Work order: Quote exactly and only this range of lines in the data below: the line that holds "FILE_DESCRIPTION (( 'STEP AP203' ), '1' );" to the line that holds "Products named in", both included.

BEGIN

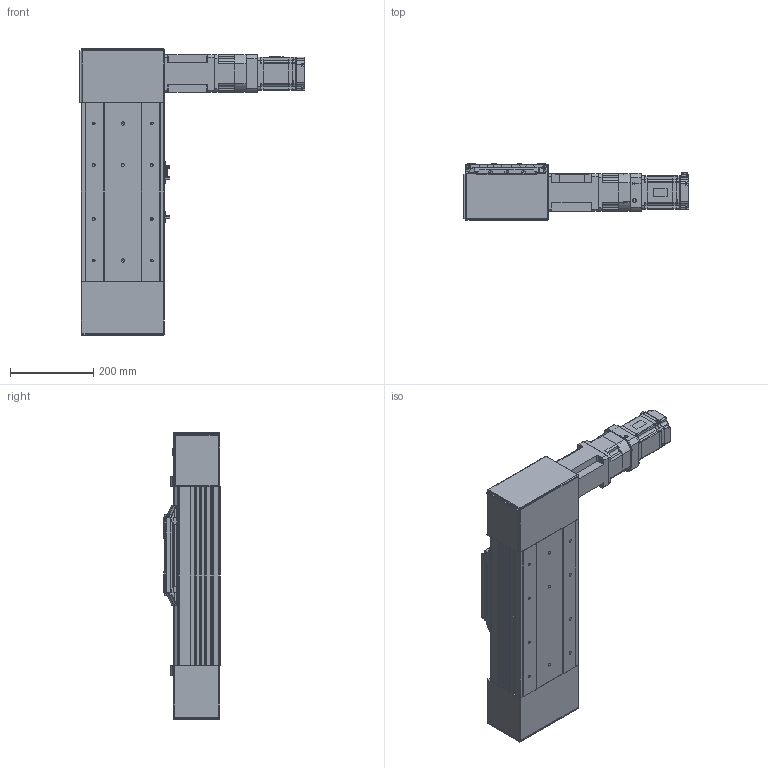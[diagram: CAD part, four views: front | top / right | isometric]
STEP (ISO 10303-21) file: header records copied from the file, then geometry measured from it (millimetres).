
FILE_DESCRIPTION (( 'STEP AP203' ), '1' );
FILE_NAME ('PCB200SRN-0000-ST100-75NR00-N-I3R.step', '2015-09-30T04:07:06', ( '' ), ( '' ), 'SwSTEP 2.0', 'SolidWorks 2012', '' );
FILE_SCHEMA (( 'CONFIG_CONTROL_DESIGN' ));
Products named in the file (14): PCB200SRN-0000-ST100-75NR00-N-I3R; sgmjv_08a_a21; PGX90-H-1_3; EE_SX672; PCB200-Carrier Assy; MOTOR Bracket; PCB200-Sensor Dog; jc48c; PCB200-Carrier; PCB200-Carrier END COVER; PCB200-Carrier UPPER COVER; PCB200-Idler Pulley Block S; PCB200-100ST BASE; PCB200-Drive Pulley Block S
Assembly tree (16 placements, depth 3):
  PCB200SRN-0000-ST100-75NR00-N-I3R
    PCB200-100ST BASE
    PCB200-Drive Pulley Block S
    PCB200-Idler Pulley Block S
    PCB200-Carrier Assy
      PCB200-Carrier
      PCB200-Carrier UPPER COVER
      PCB200-Carrier END COVER  x2
      PCB200-Sensor Dog
    MOTOR Bracket
    jc48c
    PGX90-H-1_3
    sgmjv_08a_a21
    EE_SX672  x3
Bounding box: 543.6 x 136 x 690 mm (x, y, z)
Volume: 18049725.1 mm3; surface area: 1506230.6 mm2
Topology: 37 solids, 37 shells, 3259 faces, 8642 edges, 5492 vertices
Faces by surface type: plane 1889, cylinder 980, cone 221, bspline 157, sphere 8, torus 4
Entity records: 93981 total; most frequent: CARTESIAN_POINT 22925, ORIENTED_EDGE 14696, DIRECTION 14101, EDGE_CURVE 7348, VECTOR 4971, LINE 4971, VERTEX_POINT 4749, AXIS2_PLACEMENT_3D 4565

END

Solution to the exercise:
FILE_DESCRIPTION (( 'STEP AP203' ), '1' );
FILE_NAME ('PCB200SRN-0000-ST100-75NR00-N-I3R.step', '2015-09-30T04:07:06', ( '' ), ( '' ), 'SwSTEP 2.0', 'SolidWorks 2012', '' );
FILE_SCHEMA (( 'CONFIG_CONTROL_DESIGN' ));
Products named in the file (14): PCB200SRN-0000-ST100-75NR00-N-I3R; sgmjv_08a_a21; PGX90-H-1_3; EE_SX672; PCB200-Carrier Assy; MOTOR Bracket; PCB200-Sensor Dog; jc48c; PCB200-Carrier; PCB200-Carrier END COVER; PCB200-Carrier UPPER COVER; PCB200-Idler Pulley Block S; PCB200-100ST BASE; PCB200-Drive Pulley Block S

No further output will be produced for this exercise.